We have carefully sorted the drug rehab centers in tennessee/tn/knoxville/tennessee. Filter your search for a treatment program or facility with specific categories. You may also find a resource using our addiction treatment search. For additional information on tennessee/tn/knoxville/tennessee drug rehab please phone our toll free helpline.

Drug Facts


  • Use of amphetamines is increasing among college students. One study across a hundred colleges showed nearly 7% of college students use amphetamines illegally. Over 25% of students reported use in the past year.
  • Rohypnol has no odor or taste so it can be put into someone's drink without being detected, which has lead to it being called the "Date Rape Drug".
  • The high potency of fentanyl greatly increases risk of overdose.
  • Nearly 50% of all emergency room admissions from poisonings are attributed to drug abuse or misuse.
  • Ativan, a known Benzodiazepine, was first marketed in 1977 as an anti-anxiety drug.
  • More than fourty percent of people who begin drinking before age 15 eventually become alcoholics.
  • About 50% of high school seniors do not think it's harmful to try crack or cocaine once or twice and 40% believe it's not harmful to use heroin once or twice.

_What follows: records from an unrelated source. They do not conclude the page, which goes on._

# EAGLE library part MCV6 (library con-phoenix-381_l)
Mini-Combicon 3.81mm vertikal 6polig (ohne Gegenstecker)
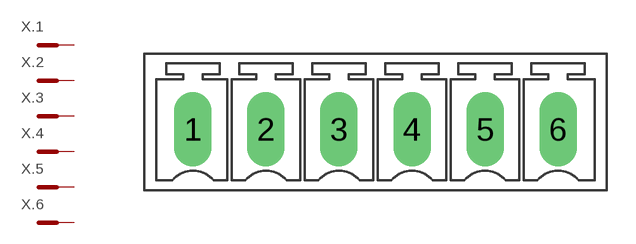
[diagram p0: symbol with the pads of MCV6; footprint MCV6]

Designator prefix X; gates .1=MCST .2=MCST .3=MCST .4=MCST .5=MCST .6=MCST

## MCV6  [MCV6]
1  .1:SK  pas
2  .2:SK  pas
3  .3:SK  pas
4  .4:SK  pas
5  .5:SK  pas
6  .6:SK  pas

## Footprint MCV6 (pad centres in mm)
Mini-Combicon 3.81mm vertikal 6-polig (ohne Gegenstecker)
drill 1.3 pad 1.905 long: 1 -9.525,0; 2 -5.715,0; 3 -1.905,0; 4 1.905,0; 5 5.715,0; 6 9.525,0

  • 1 in 5 adolescents have admitted to using tranquilizers for nonmedical purposes.
  • Approximately 65% of adolescents say that home medicine cabinets are the main source of drugs.
  • Medical consequences of chronic heroin injection abuse include scarred and/or collapsed veins, bacterial infections of the blood vessels and heart valves, abscesses (boils) and other soft-tissue infections, and liver or kidney disease.
  • Like amphetamine, methamphetamine increases activity, decreases appetite and causes a general sense of well-being.
  • Heroin addiction was blamed for a number of the 260 murders that occurred in 1922 in New York (which compared with seventeen in London). These concerns led the US Congress to ban all domestic manufacture of heroin in 1924.
  • Over 53 Million Oxycodone prescriptions are filled each year.
  • 2.5 million Americans abused prescription drugs for the first time, compared to 2.1 million who used marijuana for the first time.
  • Medial drugs include prescription medication, cold and allergy meds, pain relievers and antibiotics.
  • The largest amount of illicit drug-related emergency room visits in 2011 were cocaine related (over 500,000 visits).
  • Heroin is known on the streets as: Smack, horse, black, brown sugar, dope, H, junk, skag, skunk, white horse, China white, Mexican black tar
  • Rates of anti-depressant use have risen by over 400% within just three years.
  • 50% of adolescents mistakenly believe that prescription drugs are safer than illegal drugs.
  • A biochemical abnormality in the liver forms in 80 percent of Steroid users.